IT is that time of the year when various countries, Malaysia included, review how they have improved their corporate governance practices.
In this, Thailand has sprung a surprise to the region by improving its corporate governance significantly despite being embroiled in political strife in recent years. The Land of Smiles is, in fact, one of the most transparent markets in Asean today, to the dismay of its neighbours, as they all compete for investment inflows from foreign fund managers.
We can detect envy and frustration among the Asean rivals; after all, how can a country that has been locked down by political chaos possibly have corporate best practices, such that it is now recognised as having the most improved corporate governance record in Asean?
Thailand Inc has led on three new refreshing developments.
First, on the promotion of minority shareholders' rights. We have received notices from the Thai companies that we invest in, three months ahead of their upcoming annual general meetings (AGMs) in 2011. In these notices, the companies are requesting us to propose items for the agenda of their AGMs, as well as propose candidates for independent board members in advance. Can we believe our eyes? Are the Thai companies actually giving their smaller shareholders more say in decision making on their directions and in the composition of their boards?
The notices we have received state clearly that these companies have implemented policies and procedures that allow such shareholders to add items to the AGMs' agenda, as well as name board candidates. This is a significant move in an area where most companies still prefer to be opaque and vague.
The notices point out that shareholders who have the right to vote in an aggregate amount of not less than 5% of total company shares may submit a written request to the board of directors to include subjects they want to discuss as part of the agenda at the AGMs.
Can you, as an investor, imagine having your difficult questions put down as one of the items on the agenda for an upcoming AGM? I think that many board members here would flinch at the very thought of this happening.
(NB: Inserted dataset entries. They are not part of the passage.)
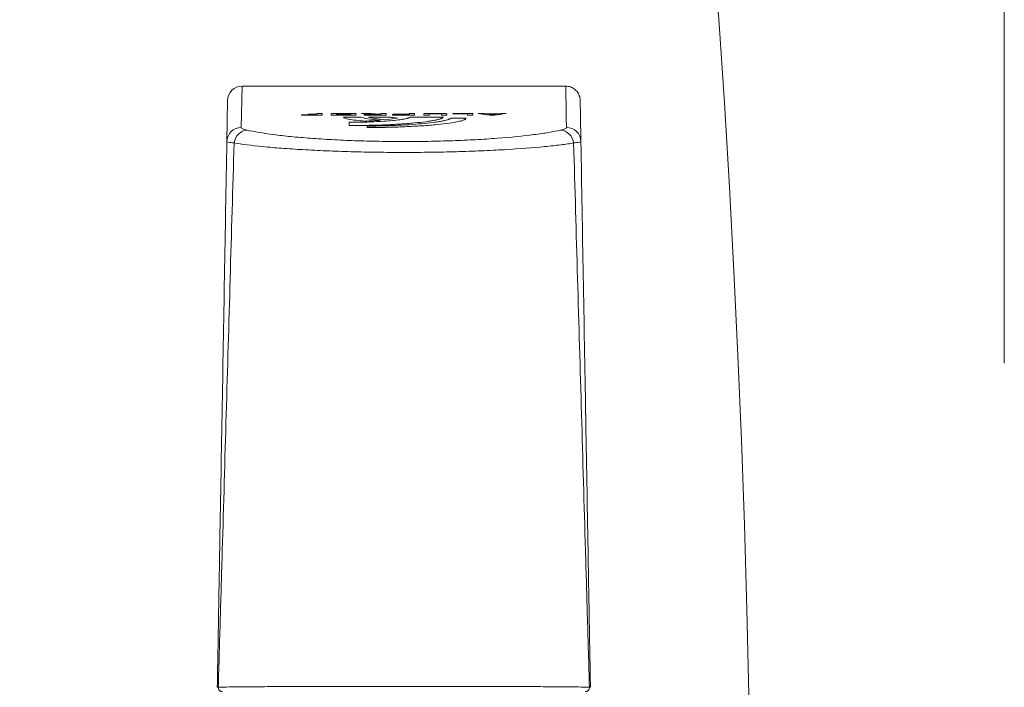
# Model space of a CAD drawing. Extents: x 1911006 to 2186114, y 709265 to 747216.
# Tile 92 of 256: x 1920383 to 1920451, y 735248 to 735295. Entities that reach past the tile are written whole.
import ezdxf

# ---------------------------------------------------------------- set-up
doc = ezdxf.new("R2010")
doc.units = 0
doc.header["$LTSCALE"] = 500
doc.header["$MEASUREMENT"] = 0
doc.linetypes.add('ACAD_ISO02W100', pattern=[15, 12, -3])
for name, color, linetype, lineweight in [('!_A_01_TENKÁ', 8, 'CONTINUOUS', 13), ('!_A_03_ČIARKOVANÁ', 41, 'ACAD_ISO02W100', 13), ('_MB_okucia_0.13', 165, 'CONTINUOUS', 13)]:
    doc.layers.add(name, color=color, linetype=linetype, lineweight=lineweight)

msp = doc.modelspace()

# ---------------------------------------------------------------- linework, layer by layer
at = {"layer": '!_A_01_TENKÁ', "color": 7}
msp.add_line((1920451.454, 735270.787), (1920451.454, 735357.987), dxfattribs=at)
at = {"layer": '!_A_03_ČIARKOVANÁ', "color": 7, "ltscale": 0.5}
msp.add_arc((1919522.204, 735230.227), 911.75, 0, 90, dxfattribs=at)
at = {"layer": '_MB_okucia_0.13', "color": 7, "extrusion": (1, 3.21625e-16, -2.22045e-16)}
for p, q in [((1920398.718, 735287.092), (1920398.767, 735289.941)), ((1920398.767, 735289.941), (1920421.14, 735289.941)), ((1920397.767, 735288.958), (1920397.718, 735286.114)), ((1920402.881, 735287.933), (1920402.881, 735287.958)), ((1920402.881, 735287.958), (1920403.939, 735287.958)), ((1920404.308, 735287.933), (1920402.881, 735287.933)), ((1920403.368, 735287.984), (1920403.368, 735288.009)), ((1920403.368, 735288.009), (1920403.939, 735288.009)), ((1920403.939, 735287.984), (1920403.368, 735287.984)), ((1920403.939, 735288.009), (1920403.939, 735288.052)), ((1920403.939, 735288.052), (1920404.308, 735288.052)), ((1920403.939, 735287.958), (1920403.939, 735287.984)), ((1920404.308, 735287.933), (1920404.308, 735288.052)), ((1920404.923, 735287.956), (1920404.923, 735288.03)), ((1920405.194, 735288.052), (1920406.379, 735288.052)), ((1920406.379, 735287.933), (1920405.194, 735287.933)), ((1920405.289, 735288.027), (1920406.28, 735288.027)), ((1920405.289, 735287.959), (1920405.289, 735288.027)), ((1920406.28, 735287.959), (1920405.289, 735287.959)), ((1920406.28, 735287.959), (1920406.28, 735288.027)), ((1920406.65, 735287.956), (1920406.65, 735288.03)), ((1920407.02, 735288.052), (1920407.549, 735288.052)), ((1920407.566, 735288.008), (1920407.665, 735288.008)), ((1920407.67, 735287.984), (1920408.367, 735287.984)), ((1920408.367, 735287.958), (1920407.67, 735287.958)), ((1920408.123, 735288.008), (1920408.367, 735288.008)), ((1920408.367, 735288.008), (1920408.367, 735288.052)), ((1920408.367, 735288.052), (1920408.732, 735288.052)), ((1920408.367, 735287.958), (1920408.367, 735287.984)), ((1920408.732, 735287.933), (1920408.732, 735288.052)), ((1920409.522, 735288.008), (1920410.324, 735288.008)), ((1920409.627, 735287.984), (1920410.324, 735287.984)), ((1920410.324, 735288.008), (1920410.324, 735288.052)), ((1920410.324, 735288.052), (1920410.689, 735288.052)), ((1920410.324, 735287.958), (1920410.324, 735287.984)), ((1920410.689, 735287.933), (1920410.689, 735288.052)), ((1920411.701, 735287.933), (1920411.33, 735287.933)), ((1920411.701, 735288.052), (1920412.547, 735288.052)), ((1920412.547, 735288.027), (1920411.701, 735288.027)), ((1920411.701, 735287.933), (1920411.701, 735288.027)), ((1920412.547, 735287.933), (1920412.547, 735288.027)), ((1920412.917, 735287.933), (1920412.547, 735287.933)), ((1920413.327, 735288.027), (1920413.327, 735288.052)), ((1920413.327, 735288.052), (1920414.716, 735288.052)), ((1920414.345, 735288.027), (1920413.327, 735288.027)), ((1920414.345, 735287.933), (1920414.345, 735288.027)), ((1920414.716, 735287.933), (1920414.345, 735287.933)), ((1920414.716, 735287.933), (1920414.716, 735288.052)), ((1920415.08, 735288.052), (1920415.494, 735288.052)), ((1920415.655, 735288.027), (1920416.488, 735288.027)), ((1920415.818, 735288.003), (1920416.329, 735288.003)), ((1920416.224, 735287.933), (1920415.891, 735287.933)), ((1920416.647, 735288.052), (1920417.026, 735288.052)), ((1920405.777, 735287.802), (1920406.986, 735287.802)), ((1920406.175, 735287.221), (1920406.175, 735287.445)), ((1920407.498, 735287.802), (1920409.009, 735287.802)), ((1920408.341, 735287.589), (1920408.338, 735287.589)), ((1920410.378, 735287.802), (1920412.684, 735287.802)), ((1920413.231, 735287.738), (1920414.254, 735287.738)), ((1920407.407, 735287.083), (1920407.407, 735287.177))]:
    msp.add_line(p, q, dxfattribs=at)
at = {"layer": '_MB_okucia_0.13', "color": 7}
msp.add_arc((1920398.767, 735288.941), 1, 90, 179, dxfattribs=at)
for centre, major_axis, ratio, start_param, end_param in [((1920407.342, 734276.113), (-261.214, 987.222), 0.883344, -0.291387, -0.290679), ((1920415.486, 734559.338), (-35.253, 730.394), 0.49609, -0.0981, -0.095874), ((1920415.944, 734755.547), (-34.446, 534.076), 0.534492, -0.120522, -0.119648), ((1920416.198, 734751.947), (36.539, 537.617), 0.55085, 0.122326, 0.123196), ((1920416.625, 734562.876), (34.737, 726.864), 0.492404, 0.095637, 0.097868), ((1920398.718, 735286.097), (-1, 0.017), 0.994819, -1.553433, 0), ((1920399.118, 735285.907), (0.222, 0.975), 0.902774, 0.246568, 1.665665), ((1920421.19, 735286.097), (1, 0.017), 0.994819, 0, 1.553433), ((1920422.484, 735248.374), (0, -0.3), 0.98661, 0, 1.611439)]:
    msp.add_ellipse(centre, major_axis=major_axis, ratio=ratio, start_param=start_param, end_param=end_param, dxfattribs=at)
at = {"layer": '_MB_okucia_0.13', "color": 7, "extrusion": (-2.22045e-16, -9.86076e-32, -1)}
msp.add_ellipse((1920407.835, 734398.499), major_axis=(172.263, -879.589), ratio=0.84111, start_param=-2.913204, end_param=-2.912449, dxfattribs=at)
at = {"layer": '_MB_okucia_0.13', "color": 7, "extrusion": (-2.22045e-16, -7.70372e-32, -1)}
msp.add_ellipse((1920415.574, 734751.109), major_axis=(35.427, -538.484), ratio=0.54597, start_param=-3.02194, end_param=-3.021394, dxfattribs=at)
at = {"layer": '_MB_okucia_0.13', "color": 7, "extrusion": (-2.22045e-16, -4.62223e-32, -1)}
msp.add_ellipse((1920416.568, 734745.612), major_axis=(-34.489, -544.014), ratio=0.536602, start_param=-3.259467, end_param=-3.258924, dxfattribs=at)
at = {"layer": '_MB_okucia_0.13', "color": 7, "extrusion": (-2.22045e-16, 0, -1)}
msp.add_ellipse((1920420.789, 735285.907), major_axis=(-0.222, 0.975), ratio=0.902774, start_param=0.246568, end_param=1.665665, dxfattribs=at)
at = {"layer": '_MB_okucia_0.13', "color": 7, "extrusion": (-2.22045e-16, -7.1115e-32, -1)}
msp.add_ellipse((1920402.146, 735248.372), major_axis=(-5.087, 0.008), ratio=0.008495, start_param=0.000107, end_param=0.164106, dxfattribs=at)
at = {"layer": '_MB_okucia_0.13', "color": 7, "extrusion": (-2.22045e-16, -7.1415e-32, -1)}
msp.add_ellipse((1920397.423, 735248.374), major_axis=(0, -0.3), ratio=0.98661, start_param=0, end_param=1.611439, dxfattribs=at)
at = {"layer": '_MB_okucia_0.13', "color": 7, "extrusion": (-2.22045e-16, -7.13557e-32, -1)}
msp.add_ellipse((1920417.761, 735248.372), major_axis=(5.087, 0.008), ratio=0.008495, start_param=-0.164106, end_param=-0.000107, dxfattribs=at)
at = {"layer": '_MB_okucia_0.13', "color": 7}
for points, knots in [([(1920421.19, 735287.092), (1920421.157, 735288.964), (1920421.141, 735289.916), (1920421.14, 735289.94), (1920421.14, 735289.941), (1920421.14, 735289.941), (1920421.14, 735289.941)], [3.0397673, 3.0397673, 3.0397673, 3.0397673, 3.1402525, 3.1402525, 3.1402525, 3.1415927, 3.1415927, 3.1415927, 3.1415927]), ([(1920421.14, 735289.941), (1920421.248, 735289.941), (1920421.358, 735289.923), (1920421.563, 735289.854), (1920421.661, 735289.801), (1920421.833, 735289.67), (1920421.909, 735289.589), (1920422.03, 735289.409), (1920422.077, 735289.308), (1920422.116, 735289.164), (1920422.124, 735289.123), (1920422.136, 735289.042), (1920422.139, 735289), (1920422.14, 735288.958)], [0, 0, 0, 0, 0.32405, 0.32405, 0.64914, 0.64914, 0.974192, 0.974192, 1.299246, 1.299246, 1.422357, 1.422357, 1.547403, 1.547403, 1.547403, 1.547403]), ([(1920422.14, 735288.958), (1920422.14, 735288.958), (1920422.14, 735288.958), (1920422.141, 735288.933), (1920422.157, 735287.984), (1920422.19, 735286.114)], [3.1415937, 3.1415937, 3.1415937, 3.1415937, 3.1429328, 3.1429328, 3.243418, 3.243418, 3.243418, 3.243418]), ([(1920404.923, 735288.03), (1920404.924, 735288.033), (1920404.931, 735288.036), (1920404.944, 735288.038), (1920404.957, 735288.041), (1920404.978, 735288.043), (1920405.003, 735288.046), (1920405.028, 735288.048), (1920405.059, 735288.049), (1920405.091, 735288.05), (1920405.122, 735288.051), (1920405.157, 735288.052), (1920405.194, 735288.052)], [0, 0, 0, 0, 0.25, 0.25, 0.25, 0.5, 0.5, 0.5, 0.75, 0.75, 0.75, 1, 1, 1, 1]), ([(1920405.194, 735287.933), (1920405.158, 735287.933), (1920405.123, 735287.934), (1920405.091, 735287.935), (1920405.058, 735287.936), (1920405.028, 735287.938), (1920405.003, 735287.94), (1920404.978, 735287.942), (1920404.957, 735287.945), (1920404.944, 735287.948), (1920404.93, 735287.95), (1920404.924, 735287.953), (1920404.923, 735287.956)], [0, 0, 0, 0, 0.25, 0.25, 0.25, 0.5, 0.5, 0.5, 0.75, 0.75, 0.75, 1, 1, 1, 1]), ([(1920406.379, 735288.052), (1920406.415, 735288.052), (1920406.45, 735288.051), (1920406.482, 735288.05), (1920406.515, 735288.049), (1920406.545, 735288.048), (1920406.57, 735288.046), (1920406.595, 735288.043), (1920406.615, 735288.041), (1920406.629, 735288.038), (1920406.642, 735288.036), (1920406.649, 735288.033), (1920406.65, 735288.03)], [0, 0, 0, 0, 0.25, 0.25, 0.25, 0.5, 0.5, 0.5, 0.75, 0.75, 0.75, 1, 1, 1, 1]), ([(1920406.65, 735287.956), (1920406.649, 735287.953), (1920406.642, 735287.95), (1920406.629, 735287.948), (1920406.616, 735287.945), (1920406.595, 735287.942), (1920406.57, 735287.94), (1920406.545, 735287.938), (1920406.514, 735287.936), (1920406.482, 735287.935), (1920406.45, 735287.934), (1920406.416, 735287.933), (1920406.379, 735287.933)], [0, 0, 0, 0, 0.25, 0.25, 0.25, 0.5, 0.5, 0.5, 0.75, 0.75, 0.75, 1, 1, 1, 1]), ([(1920407.566, 735288.008), (1920407.451, 735288.008), (1920407.366, 735288.006), (1920407.31, 735288.003), (1920407.307, 735288.003), (1920407.301, 735288.003), (1920407.296, 735288.003), (1920407.292, 735288.002), (1920407.288, 735288.002), (1920407.284, 735288.002), (1920407.275, 735288.001), (1920407.268, 735288), (1920407.261, 735288), (1920407.248, 735287.998), (1920407.237, 735287.997), (1920407.229, 735287.995), (1920407.225, 735287.994), (1920407.223, 735287.993), (1920407.22, 735287.993), (1920407.218, 735287.992), (1920407.216, 735287.991), (1920407.214, 735287.99), (1920407.211, 735287.988), (1920407.209, 735287.986), (1920407.209, 735287.975), (1920407.209, 735287.975), (1920407.209, 735287.967), (1920407.209, 735287.958)], [0, 0, 0, 0, 0.5, 0.5, 0.5, 0.53125, 0.53125, 0.53125, 0.5625, 0.5625, 0.5625, 0.625, 0.625, 0.625, 0.75, 0.75, 0.75, 0.8125, 0.8125, 0.8125, 0.875, 0.875, 0.875, 1, 1, 1, 1.000562, 1.000562, 1.000562, 1.000562]), ([(1920408.732, 735287.933), (1920408.343, 735287.933), (1920407.954, 735287.933), (1920407.951, 735287.933), (1920407.541, 735287.933), (1920407.517, 735287.933), (1920407.495, 735287.934), (1920407.484, 735287.934), (1920407.474, 735287.934), (1920407.463, 735287.934), (1920407.458, 735287.934), (1920407.453, 735287.934), (1920407.448, 735287.934), (1920407.443, 735287.934), (1920407.44, 735287.934), (1920407.434, 735287.934), (1920407.409, 735287.935), (1920407.387, 735287.935), (1920407.366, 735287.936), (1920407.346, 735287.936), (1920407.329, 735287.937), (1920407.31, 735287.938), (1920407.292, 735287.939), (1920407.276, 735287.94), (1920407.262, 735287.942), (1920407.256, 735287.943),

It is also a huge boost for the minority shareholders that at least 5% of such shareholders in aggregate may now also nominate those whom they think are most capable of being independent directors.
This is particularly important as one of the main areas crying for attention in the world of improving corporate governance is the nomination process for such directors, which is often labelled as biased and opaque.
The current practice in Malaysia is that only a major shareholder can nominate an independent director. We can only wonder how independent these directors really are. This nomination process unfortunately leads to a dysfunctional board appointing new dysfunctional board members.
So isn't it high time that all Malaysian companies embrace a more accountable and transparent process of nominating directors to the board? They can take a leaf from Thailand where there is nothing too difficult or onerous about the requirements. In fact, they are very clear and accommodating.
The third development in Thailand Inc that caught our eye was voting by poll as opposed to a show of hands. Although such voting is, strictly speaking, not mandatory, virtually every Thai-listed company does so at AGMs. This is a huge step ahead of the other Asean nations. All votes - for or against, or abstentions - are counted and then often announced right after the AGMs. Full poll results are published the next business day on the country's stock exchange website, and such requirement for publication is monitored closely by Thailand's Securities and Exchange Commission.
This is a remarkable achievement especially since voting by poll moves at a snail-like pace in most other Asean markets.
Also, Thailand did not look in good enough political shape to be able to take the lead on this score. Its success stems from a laudable collaboration between regulators and various investor groups.
Thailand has decisively debunked the prevalent myth that voting by poll is somehow too difficult or expensive to implement as claimed by other Asean stock markets.
Thailand's corporate governance initiatives are a world away from some of the AGMs in Malaysia in which companies' chairmen literally orders shareholders to sit down and not ask too many questions.
Occasionally, such chairmen have even suggested that a disgruntled shareholder sell his shares if he does not like the way the company is being run. When we ask company chairmen if a poll voting has been called, they often say that such voting is expensive and the result of how each item on the agenda is voted is not necessary. We completely disagree; it is necessary for all shareholders to know the details of a vote.
What a company has to understand is that, by listing, it has raised money from the public and capital markets. It cannot then expect its shareholders not to ask questions at AGMs, or not to want clear results on all vote counts or not to want a transparent nomination process of independent directors.
It is perhaps time for Bursa in 2011 to focus on improving the current nomination process, allow minority shareholders to put items on the agenda of AGMs, and implement poll voting. As by doing so, Malaysia Inc will climb up the desired governance ladder.
Shireen Muhiudeen is managing director of Corston-Smith Asset Management in Malaysia, a fund management company that makes investment decisions based on corporate governance.